▶ [Problem statement]
Show each line of the entries below in which the word "height" appears.

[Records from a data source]
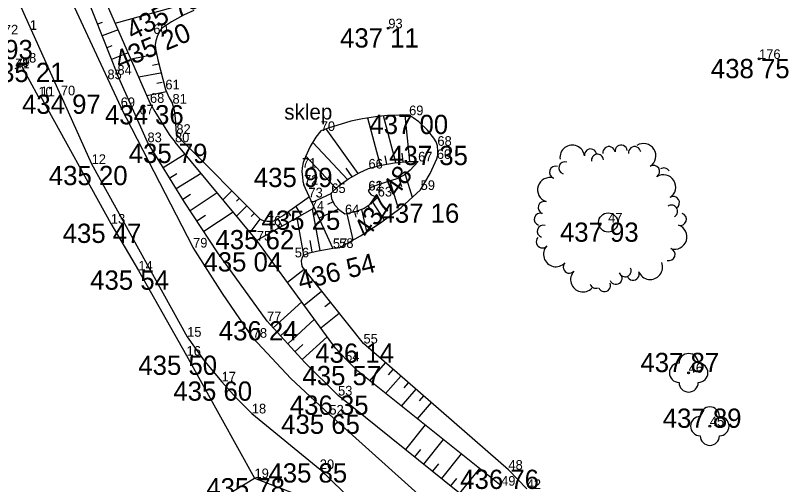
# Model space of a CAD drawing. Extents: x -559180 to -551373, y -1076947 to -1072071.
# Drawn here: x -553945.87 to -553905.71, y -1073894.88 to -1073870.53 of the extents above; entities that cross this region are included whole.
import ezdxf

# ---------------------------------------------------------------- set-up
doc = ezdxf.new("R2010")
doc.units = 0
for name, color, linetype in [('12_PLOTY', 7, 'Continuous'), ('17_KOMUNIKACE', 7, 'Continuous'), ('18_POLOHOPIS', 7, 'Continuous'), ('1_VODA_ZN', 7, 'Continuous'), ('26_SRAFY', 7, 'Continuous'), ('27_HRANA_PATA', 7, 'Continuous'), ('34_ZELEN', 7, 'Continuous'), ('3_BODY', 7, 'Continuous'), ('52_POPIS_UCELOVY', 7, 'Continuous'), ('6_VYSKY', 7, 'Continuous')]:
    doc.layers.add(name, color=color, linetype=linetype)

# ---------------------------------------------------------------- blocks, each defined once
blk = doc.blocks.new('STL')
at = {"layer": '34_ZELEN'}
blk.add_circle((0, 0), 0.05, dxfattribs=at)
for centre, start, end in [((0, 0.5), 0, 180), ((-0.5, 0), 90, 270), ((0.5, 0), 270, 90), ((0, -0.5), 180, 0)]:
    blk.add_arc(centre, 0.5, start, end, dxfattribs=at)
blk = doc.blocks.new('POINT_DISPLAY')
blk.add_line((0, 0), (0, 0))
blk = doc.blocks.new('STLV')
at = {"layer": '34_ZELEN'}
blk.add_circle((0, 0), 0.5, dxfattribs=at)
for centre, radius, start, end in [((-1.866, 3.377), 0.64, 7.279, 187.2791), ((0.673, 3.701), 0.32, 7.279, 187.2791), ((1.839, 3.46), 0.64, 302.4264, 122.4264), ((-0.914, 3.498), 0.32, 7.279, 187.2791), ((0.038, 3.62), 0.32, 7.279, 187.2791), ((1.372, 3.62), 0.32, 7.279, 187.2791), ((-0.552, 3.222), 0.32, 97.2791, 188.0812), ((-0.556, 3.222), 0.32, 6.4769, 97.2791), ((-2.733, 2.607), 0.32, 72.1317, 252.1317), ((-2.248, 2.834), 0.32, 72.1317, 252.1317), ((2.354, 2.649), 0.32, 302.4264, 122.4264), ((2.893, 2.511), 0.32, 32.4264, 123.2285), ((2.869, 1.839), 0.64, 302.4264, 122.4264), ((-3.027, 1.693), 0.64, 72.1317, 252.1317), ((3.383, 1.029), 0.32, 302.4264, 122.4264), ((-3.322, 0.779), 0.32, 72.1317, 252.1317), ((3.287, 0.583), 0.32, 32.4264, 123.2285), ((-3.518, 0.17), 0.32, 72.1317, 252.1317), ((3.285, 0.587), 0.32, 301.6242, 32.4264), ((3.746, 0.168), 0.32, 252.1317, 72.1317), ((-3.366, -0.453), 0.32, 72.1317, 252.1317), ((3.452, -0.746), 0.64, 252.1317, 72.1317), ((-3.419, -1.001), 0.32, 136.9844, 316.9844), ((-2.717, -1.656), 0.64, 136.9844, 316.9844), ((3.157, -1.66), 0.32, 252.1317, 72.1317), ((-2.015, -2.311), 0.32, 136.9844, 316.9844), ((0.873, -2.499), 0.32, 291.8371, 22.6393), ((2.185, -2.318), 0.64, 201.8371, 21.8371), ((-1.313, -2.966), 0.64, 136.9844, 316.9844), ((0.402, -2.891), 0.32, 201.8371, 21.8371), ((0.877, -2.497), 0.32, 201.035, 291.8371), ((1.293, -2.675), 0.32, 201.8371, 21.8371), ((-0.639, -3.093), 0.32, 201.035, 291.8371), ((-0.192, -3.27), 0.32, 201.8371, 21.8371)]:
    blk.add_arc(centre, radius, start, end, dxfattribs=at)
blk.add_blockref('POINT_DISPLAY', (0, 0), dxfattribs=at)
blk = doc.blocks.new('T')
at = {"layer": '6_VYSKY'}
blk.add_circle((0, 0), 0.05, dxfattribs=at)

msp = doc.modelspace()

# ---------------------------------------------------------------- linework, layer by layer
at = {"layer": '12_PLOTY'}
for p, q in [((-553945.547, -1073873.141), (-553944.68, -1073874.74)), ((-553944.68, -1073874.74), (-553944.56, -1073874.73)), ((-553944.56, -1073874.73), (-553940.91, -1073881.34)), ((-553940.91, -1073881.34), (-553939.48, -1073883.77)), ((-553939.48, -1073883.77), (-553936.98, -1073888.19)), ((-553936.98, -1073888.19), (-553933.45, -1073894.55)), ((-553946.36, -1073902.34), (-553933.45, -1073894.55)), ((-553933.45, -1073894.55), (-553928.7, -1073896.36))]:
    msp.add_line(p, q, dxfattribs=at)
at = {"layer": '17_KOMUNIKACE'}
for p, q in [((-553943.51, -1073874.68), (-553949.19, -1073862)), ((-553946.12, -1073862.93), (-553940.4, -1073875.29)), ((-553943.51, -1073874.68), (-553941.91, -1073878.24)), ((-553936.64, -1073882.58), (-553940.4, -1073875.29)), ((-553941.91, -1073878.24), (-553936.95, -1073887.21)), ((-553933.59, -1073891.19), (-553930.06, -1073894.08)), ((-553923.02, -1073897.1), (-553929.56, -1073891.25)), ((-553930.06, -1073894.08), (-553927.63, -1073896.42))]:
    msp.add_line(p, q, dxfattribs=at)
for points in [[(-553933.54, -1073887.26), (-553935.108, -1073884.971), (-553936.64, -1073882.58)], [(-553936.95, -1073887.21), (-553936.104, -1073888.402), (-553935.16, -1073889.53)], [(-553929.56, -1073891.25), (-553931.568, -1073889.378), (-553933.54, -1073887.26)], [(-553935.16, -1073889.53), (-553934.376, -1073890.41), (-553933.59, -1073891.19)]]:
    msp.add_lwpolyline(points, dxfattribs=at)
at = {"layer": '18_POLOHOPIS'}
for p, q in [((-553945.88, -1073873.28), (-553945.16, -1073872.98)), ((-553929.38, -1073882.61), (-553930.88, -1073879.32))]:
    msp.add_line(p, q, dxfattribs=at)
at = {"layer": '26_SRAFY'}
for p, q in [((-553941.366, -1073870.891), (-553941.607, -1073870.987)), ((-553940.54, -1073871.272), (-553941.365, -1073871.598)), ((-553940.869, -1073872.109), (-553941.124, -1073872.21)), ((-553940.013, -1073872.478), (-553940.882, -1073872.821)), ((-553938.532, -1073872.545), (-553939.853, -1073872.807)), ((-553938.43, -1073873.06), (-553938.742, -1073873.122)), ((-553938.339, -1073873.521), (-553939.46, -1073873.743)), ((-553938.242, -1073874.009), (-553938.532, -1073874.066)), ((-553938.023, -1073874.5), (-553939.041, -1073874.701)), ((-553937.058, -1073877.738), (-553938.192, -1073878.437)), ((-553937.49, -1073878.761), (-553937.854, -1073878.985)), ((-553936.226, -1073878.738), (-553937.516, -1073879.534)), ((-553936.767, -1073879.829), (-553937.178, -1073880.082)), ((-553935.393, -1073879.739), (-553936.8, -1073880.666)), ((-553935.09, -1073880.104), (-553934.62, -1073879.633)), ((-553934.383, -1073880.173), (-553934.231, -1073880.021)), ((-553934.385, -1073880.951), (-553933.843, -1073880.409)), ((-553931.299, -1073880.447), (-553931.032, -1073880.917)), ((-553930.035, -1073882.73), (-553930.43, -1073880.575)), ((-553936.004, -1073880.916), (-553936.444, -1073881.206)), ((-553934.561, -1073880.74), (-553936.088, -1073881.746)), ((-553933.628, -1073880.97), (-553933.455, -1073880.797)), ((-553931.697, -1073880.733), (-553931.588, -1073880.926)), ((-553930.887, -1073882.973), (-553931.242, -1073881.036)), ((-553933.68, -1073881.799), (-553933.15, -1073881.101)), ((-553932.247, -1073881.081), (-553932.034, -1073881.456)), ((-553930.448, -1073882.806), (-553930.557, -1073882.209)), ((-553931.743, -1073884.385), (-553930.877, -1073883.694)), ((-553930.688, -1073884.478), (-553930.421, -1073884.265)), ((-553930.877, -1073885.565), (-553929.965, -1073884.837)), ((-553931, -1073885.397), (-553932.481, -1073886.75)), ((-553929.789, -1073885.633), (-553929.508, -1073885.408)), ((-553930.011, -1073886.746), (-553929.052, -1073885.98)), ((-553930.336, -1073886.304), (-553931.727, -1073887.574)), ((-553931.673, -1073886.768), (-553932.104, -1073887.162)), ((-553929.672, -1073887.21), (-553930.974, -1073888.399)), ((-553930.946, -1073887.618), (-553931.35, -1073887.987)), ((-553927.46, -1073889.5), (-553926.641, -1073888.559)), ((-553926.486, -1073889.181), (-553926.245, -1073888.904)), ((-553926.638, -1073890.157), (-553925.848, -1073889.249)), ((-553925.684, -1073889.861), (-553925.452, -1073889.594)), ((-553925.815, -1073890.813), (-553925.055, -1073889.939)), ((-553924.992, -1073891.469), (-553924.262, -1073890.629)), ((-553924.882, -1073890.541), (-553924.658, -1073890.284)), ((-553924.59, -1073891.79), (-553925.613, -1073893.065)), ((-553923.649, -1073892.54), (-553924.674, -1073893.818)), ((-553924.836, -1073893.058), (-553925.144, -1073893.441)), ((-553922.709, -1073893.29), (-553923.736, -1073894.57)), ((-553923.897, -1073893.81), (-553924.205, -1073894.194)), ((-553921.768, -1073894.04), (-553922.797, -1073895.323)), ((-553922.958, -1073894.562), (-553923.266, -1073894.947))]:
    msp.add_line(p, q, dxfattribs=at)
at = {"layer": '27_HRANA_PATA'}
for p, q in [((-553943.35, -1073864.84), (-553938.88, -1073875.07)), ((-553942.61, -1073868.45), (-553940.57, -1073873.61)), ((-553940.688, -1073870.933), (-553937.04, -1073869.93)), ((-553939.01, -1073877.11), (-553940.57, -1073873.61)), ((-553926.101, -1073878.171), (-553926.743, -1073875.745)), ((-553925.374, -1073878.096), (-553925.62, -1073875.707)), ((-553926.908, -1073878.315), (-553927.559, -1073875.858)), ((-553928.062, -1073878.728), (-553929.733, -1073876.424)), ((-553933.33, -1073882.22), (-553937.58, -1073877.11)), ((-553928.613, -1073879.05), (-553930.414, -1073877.119)), ((-553926.581, -1073878.252), (-553926.661, -1073877.811)), ((-553925.735, -1073878.133), (-553925.781, -1073877.685)), ((-553929.215, -1073879.521), (-553930.791, -1073877.83)), ((-553928.372, -1073878.907), (-553928.695, -1073878.461)), ((-553928.945, -1073879.29), (-553929.135, -1073879.028)), ((-553925.954, -1073878.987), (-553925.823, -1073879.405)), ((-553925.629, -1073878.783), (-553925.257, -1073879.972)), ((-553926.429, -1073879.135), (-553925.99, -1073880.538)), ((-553929.459, -1073879.767), (-553930.463, -1073880.235)), ((-553927.53, -1073879.62), (-553927.54, -1073879.62)), ((-553929.362, -1073880.211), (-553929.659, -1073880.35)), ((-553927.313, -1073880.227), (-553926.707, -1073881.152)), ((-553930.333, -1073880.52), (-553933.33, -1073882.22)), ((-553929.094, -1073880.581), (-553930.092, -1073881.047)), ((-553927.897, -1073880.604), (-553927.626, -1073881.755)), ((-553927.554, -1073880.432), (-553927.374, -1073880.706)), ((-553928.655, -1073880.828), (-553928.338, -1073882.175)), ((-553928.255, -1073880.733), (-553928.192, -1073881)), ((-553929.241, -1073887.797), (-553933.33, -1073882.22)), ((-553927.79, -1073887.56), (-553930.981, -1073883.564)), ((-553920.26, -1073894.11), (-553927.79, -1073887.56)), ((-553920.64, -1073894.94), (-553928.089, -1073888.999)), ((-553922.14, -1073895.85), (-553929.11, -1073890.26)), ((-553919.31, -1073895.11), (-553920.26, -1073894.11))]:
    msp.add_line(p, q, dxfattribs=at)
for points in [[(-553936.6, -1073870.28), (-553937.132, -1073870.51), (-553937.761, -1073870.866), (-553938.072, -1073871.066), (-553938.273, -1073871.203)], [(-553938.273, -1073871.203), (-553938.376, -1073871.349), (-553938.496, -1073871.58), (-553938.575, -1073871.842), (-553938.613, -1073872.043)], [(-553938.613, -1073872.043), (-553938.586, -1073872.273), (-553938.474, -1073872.838), (-553938.08, -1073874.37)], [(-553938.08, -1073874.37), (-553937.887, -1073874.81), (-553937.71, -1073875.11)], [(-553938.88, -1073875.07), (-553938.62, -1073875.524), (-553938.222, -1073876.153), (-553937.845, -1073876.762), (-553937.58, -1073877.11)], [(-553937.51, -1073876.68), (-553937.551, -1073875.859), (-553937.609, -1073875.471), (-553937.71, -1073875.11)], [(-553925.42, -1073875.71), (-553925.918, -1073875.702), (-553926.536, -1073875.734), (-553927.165, -1073875.797), (-553927.846, -1073875.902), (-553928.444, -1073876.028), (-553928.957, -1073876.175), (-553929.576, -1073876.374), (-553930.01, -1073876.53)], [(-553923.95, -1073877.3), (-553924.02, -1073877.087), (-553924.136, -1073876.909), (-553924.461, -1073876.479), (-553924.922, -1073876.059), (-553925.205, -1073875.839), (-553925.42, -1073875.71)], [(-553930.01, -1073876.53), (-553930.262, -1073876.857), (-553930.555, -1073877.329), (-553930.807, -1073877.864), (-553930.922, -1073878.157), (-553930.98, -1073878.44)], [(-553933.15, -1073881.101), (-553937.189, -1073877.066), (-553937.368, -1073876.845), (-553937.378, -1073876.856), (-553937.51, -1073876.68)], [(-553932.8, -1073886.4), (-553935.359, -1073882.852), (-553937.087, -1073880.23), (-553939.01, -1073877.11)], [(-553923.98, -1073877.98), (-553923.931, -1073877.79), (-553923.92, -1073877.58), (-553923.95, -1073877.3)], [(-553927.53, -1073878.48), (-553926.866, -1073878.304), (-553926.179, -1073878.179), (-553925.461, -1073878.105), (-553924.95, -1073878.11)], [(-553924.95, -1073878.11), (-553925.367, -1073878.566), (-553925.671, -1073878.818), (-553926.054, -1073879.018), (-553926.991, -1073879.311), (-553927.348, -1073879.448), (-553927.463, -1073879.521), (-553927.53, -1073879.62)], [(-553924.82, -1073879.59), (-553924.329, -1073878.734), (-553923.98, -1073877.98)], [(-553930.98, -1073878.44), (-553930.985, -1073878.65), (-553930.964, -1073878.902), (-553930.932, -1073879.143), (-553930.88, -1073879.32)], [(-553929.46, -1073879.75), (-553929.046, -1073879.364), (-553928.569, -1073879.018), (-553928.008, -1073878.703), (-553927.53, -1073878.48)], [(-553928.75, -1073880.85), (-553929.025, -1073880.654), (-553929.282, -1073880.382), (-553929.434, -1073880.056), (-553929.46, -1073879.75)], [(-553929.05, -1073882.6), (-553927.945, -1073881.976), (-553926.908, -1073881.304), (-553925.838, -1073880.497), (-553924.82, -1073879.59)], [(-553927.54, -1073879.62), (-553927.484, -1073879.741), (-553927.395, -1073879.836), (-553927.222, -1073879.909), (-553927.05, -1073879.93)], [(-553930.596, -1073879.943), (-553931.617, -1073880.676), (-553931.951, -1073880.913), (-553932.452, -1073881.198)], [(-553927.05, -1073879.93), (-553927.107, -1073880.035), (-553927.248, -1073880.172), (-553927.494, -1073880.381), (-553927.752, -1073880.55), (-553928.228, -1073880.727), (-553928.75, -1073880.85)], [(-553933.15, -1073881.101), (-553932.969, -1073881.191), (-553932.801, -1073881.219), (-553932.62, -1073881.219), (-553932.452, -1073881.198)], [(-553930.902, -1073882.979), (-553930.586, -1073882.851), (-553930.237, -1073882.767), (-553929.38, -1073882.61)], [(-553929.05, -1073882.6), (-553929.234, -1073882.626), (-553929.38, -1073882.61)], [(-553930.902, -1073882.979), (-553930.976, -1073883.088), (-553931.025, -1073883.27), (-553931.018, -1073883.437), (-553930.981, -1073883.564)], [(-553929.11, -1073890.26), (-553930.844, -1073888.541), (-553932.8, -1073886.4)], [(-553928.089, -1073888.999), (-553928.648, -1073888.429), (-553929.241, -1073887.797)]]:
    msp.add_lwpolyline(points, dxfattribs=at)

# ---------------------------------------------------------------- block references
at = {"layer": '1_VODA_ZN'}
for p in [(-553945.12, -1073871.28), (-553926.5, -1073871.2), (-553938.71, -1073871.49), (-553945.16, -1073872.98), (-553907.24, -1073872.79), (-553945.51, -1073873.21), (-553940.57, -1073873.61), (-553941.09, -1073873.84), (-553938.08, -1073874.37), (-553944.68, -1073874.74), (-553944.56, -1073874.73), (-553943.51, -1073874.68), (-553940.4, -1073875.29), (-553938.88, -1073875.07), (-553937.71, -1073875.11), (-553939.43, -1073875.67), (-553925.42, -1073875.71), (-553930.01, -1073876.53), (-553937.51, -1073876.68), (-553939.01, -1073877.11), (-553937.58, -1073877.11), (-553923.95, -1073877.3), (-553924.95, -1073878.11), (-553923.98, -1073877.98), (-553941.91, -1073878.24), (-553930.98, -1073878.44), (-553927.53, -1073878.48), (-553930.88, -1073879.32), (-553929.46, -1073879.75), (-553927.54, -1073879.62), (-553927.53, -1073879.62), (-553924.82, -1073879.59), (-553930.65, -1073879.98), (-553927.05, -1073879.93), (-553930.58, -1073880.66), (-553928.75, -1073880.85), (-553940.91, -1073881.34), (-553932.81, -1073881.44), (-553915.08, -1073881.28), (-553933.33, -1073882.22), (-553936.64, -1073882.58), (-553929.38, -1073882.61), (-553929.05, -1073882.6), (-553939.2, -1073882.75), (-553939.199, -1073882.745), (-553939.199, -1073882.745), (-553931.36, -1073883.09), (-553939.48, -1073883.77), (-553932.8, -1073886.4), (-553936.95, -1073887.21), (-553933.54, -1073887.26), (-553927.79, -1073887.56), (-553936.98, -1073888.19), (-553928.74, -1073888.48), (-553910.9, -1073889.08), (-553935.16, -1073889.53), (-553929.11, -1073890.26), (-553933.59, -1073891.19), (-553929.56, -1073891.25), (-553909.8, -1073891.85), (-553930.06, -1073894.08), (-553920.26, -1073894.11), (-553933.45, -1073894.55)]:
    msp.add_blockref('POINT_DISPLAY', p, dxfattribs=at)
at = {"layer": '34_ZELEN'}
for name, p in [('STLV', (-553915.08, -1073881.28)), ('STL', (-553910.9, -1073889.08)), ('STL', (-553909.8, -1073891.85))]:
    msp.add_blockref(name, p, dxfattribs=at)
at = {"layer": '6_VYSKY'}
for p in [(-553926.5, -1073871.2), (-553926.5, -1073871.2), (-553907.24, -1073872.79), (-553907.24, -1073872.79)]:
    msp.add_blockref('T', p, dxfattribs=at)

# ---------------------------------------------------------------- texts
at = {"layer": '3_BODY'}
for s, p in [('1', (-553945.12, -1073871.28)), ('60', (-553938.71, -1073871.49)), ('93', (-553926.5, -1073871.2)), ('72', (-553946.47, -1073871.52)), ('8', (-553945.16, -1073872.98)), ('176', (-553907.24, -1073872.79)), ('4', (-553945.88, -1073873.28)), ('71', (-553945.87, -1073873.28)), ('9', (-553945.51, -1073873.21)), ('85', (-553941.09, -1073873.84)), ('84', (-553940.57, -1073873.61)), ('70', (-553943.51, -1073874.68)), ('61', (-553938.08, -1073874.37)), ('10', (-553944.68, -1073874.74)), ('11', (-553944.56, -1073874.73)), ('68', (-553938.88, -1073875.07)), ('81', (-553937.71, -1073875.11)), ('69', (-553940.4, -1073875.29)), ('67', (-553939.43, -1073875.67)), ('69', (-553925.42, -1073875.71)), ('82', (-553937.51, -1073876.68)), ('70', (-553930.01, -1073876.53)), ('83', (-553939.01, -1073877.11)), ('80', (-553937.58, -1073877.11)), ('68', (-553923.95, -1073877.3)), ('12', (-553941.91, -1073878.24)), ('67', (-553924.95, -1073878.11)), ('60', (-553923.98, -1073877.98)), ('71', (-553930.98, -1073878.44)), ('66', (-553927.53, -1073878.48)), ('72', (-553930.88, -1073879.32)), ('65', (-553929.46, -1073879.75)), ('62', (-553927.54, -1073879.62)), ('61', (-553927.53, -1073879.62)), ('63', (-553927.05, -1073879.93)), ('59', (-553924.82, -1073879.59)), ('73', (-553930.65, -1073879.98)), ('74', (-553930.58, -1073880.66)), ('64', (-553928.75, -1073880.85)), ('13', (-553940.91, -1073881.34)), ('76', (-553932.81, -1073881.44)), ('47', (-553915.08, -1073881.28)), ('75', (-553933.33, -1073882.22)), ('79', (-553936.64, -1073882.58)), ('57', (-553929.38, -1073882.61)), ('58', (-553929.05, -1073882.6)), ('56', (-553931.36, -1073883.09)), ('14', (-553939.48, -1073883.77)), ('77', (-553932.8, -1073886.4)), ('15', (-553936.95, -1073887.21)), ('78', (-553933.54, -1073887.26)), ('55', (-553927.79, -1073887.56)), ('16', (-553936.98, -1073888.19)), ('54', (-553928.74, -1073888.48)), ('46', (-553910.9, -1073889.08)), ('17', (-553935.16, -1073889.53)), ('53', (-553929.11, -1073890.26)), ('18', (-553933.59, -1073891.19)), ('52', (-553929.56, -1073891.25)), ('45', (-553909.8, -1073891.85)), ('20', (-553930.06, -1073894.08)), ('48', (-553920.26, -1073894.11)), ('19', (-553933.45, -1073894.55)), ('49', (-553920.64, -1073894.94)), ('42', (-553919.31, -1073895.11))]:
    msp.add_text(s, height=0.5, dxfattribs=at).set_placement(p)
at = {"layer": '52_POPIS_UCELOVY'}
msp.add_text('sklep', height=0.8, dxfattribs=at).set_placement((-553931.906, -1073875.937))
at = {"layer": '6_VYSKY'}
for s, rotation, p in [('435 75', 26.9772, (-553939.787, -1073871.838)), ('435 20', 22.6537, (-553940.445, -1073873.372)), ('437 48', 54.9777, (-553927.548, -1073882.139)), ('436 54', 13.7961, (-553931.065, -1073884.802))]:
    msp.add_text(s, height=1, rotation=rotation, dxfattribs=at).set_placement(p)
for s, p in [('437 11', (-553929.005, -1073872.2)), ('434 93', (-553949.056, -1073872.803)), ('435 21', (-553947.41, -1073873.989)), ('438 75', (-553909.745, -1073873.79)), ('434 97', (-553945.525, -1073875.639)), ('434 36', (-553941.218, -1073876.186)), ('437 00', (-553927.482, -1073876.69)), ('435 79', (-553939.984, -1073878.191)), ('437 35', (-553926.455, -1073878.3)), ('435 20', (-553944.133, -1073879.341)), ('435 99', (-553933.485, -1073879.44)), ('437 16', (-553926.902, -1073881.295)), ('435 25', (-553933.085, -1073881.66)), ('435 47', (-553943.415, -1073882.34)), ('437 93', (-553917.585, -1073882.28)), ('435 62', (-553935.478, -1073882.67)), ('435 04', (-553936.103, -1073883.823)), ('435 54', (-553941.985, -1073884.77)), ('436 24', (-553935.305, -1073887.4)), ('436 14', (-553930.295, -1073888.56)), ('435 50', (-553939.485, -1073889.19)), ('437 87', (-553913.405, -1073889.045)), ('435 57', (-553930.959, -1073889.725)), ('435 60', (-553937.665, -1073890.53)), ('436 35', (-553931.615, -1073891.26)), ('437 89', (-553912.244, -1073891.937)), ('435 65', (-553932.065, -1073892.25)), ('435 85', (-553932.726, -1073894.777)), ('436 76', (-553922.765, -1073895.11)), ('435 78', (-553935.955, -1073895.55))]:
    msp.add_text(s, height=1, dxfattribs=at).set_placement(p)

doc.saveas('drawing.dxf')

▶ [Finished task]
    msp.add_text(s, height=0.5, dxfattribs=at).set_placement(p)
msp.add_text('sklep', height=0.8, dxfattribs=at).set_placement((-553931.906, -1073875.937))
    msp.add_text(s, height=1, rotation=rotation, dxfattribs=at).set_placement(p)
    msp.add_text(s, height=1, dxfattribs=at).set_placement(p)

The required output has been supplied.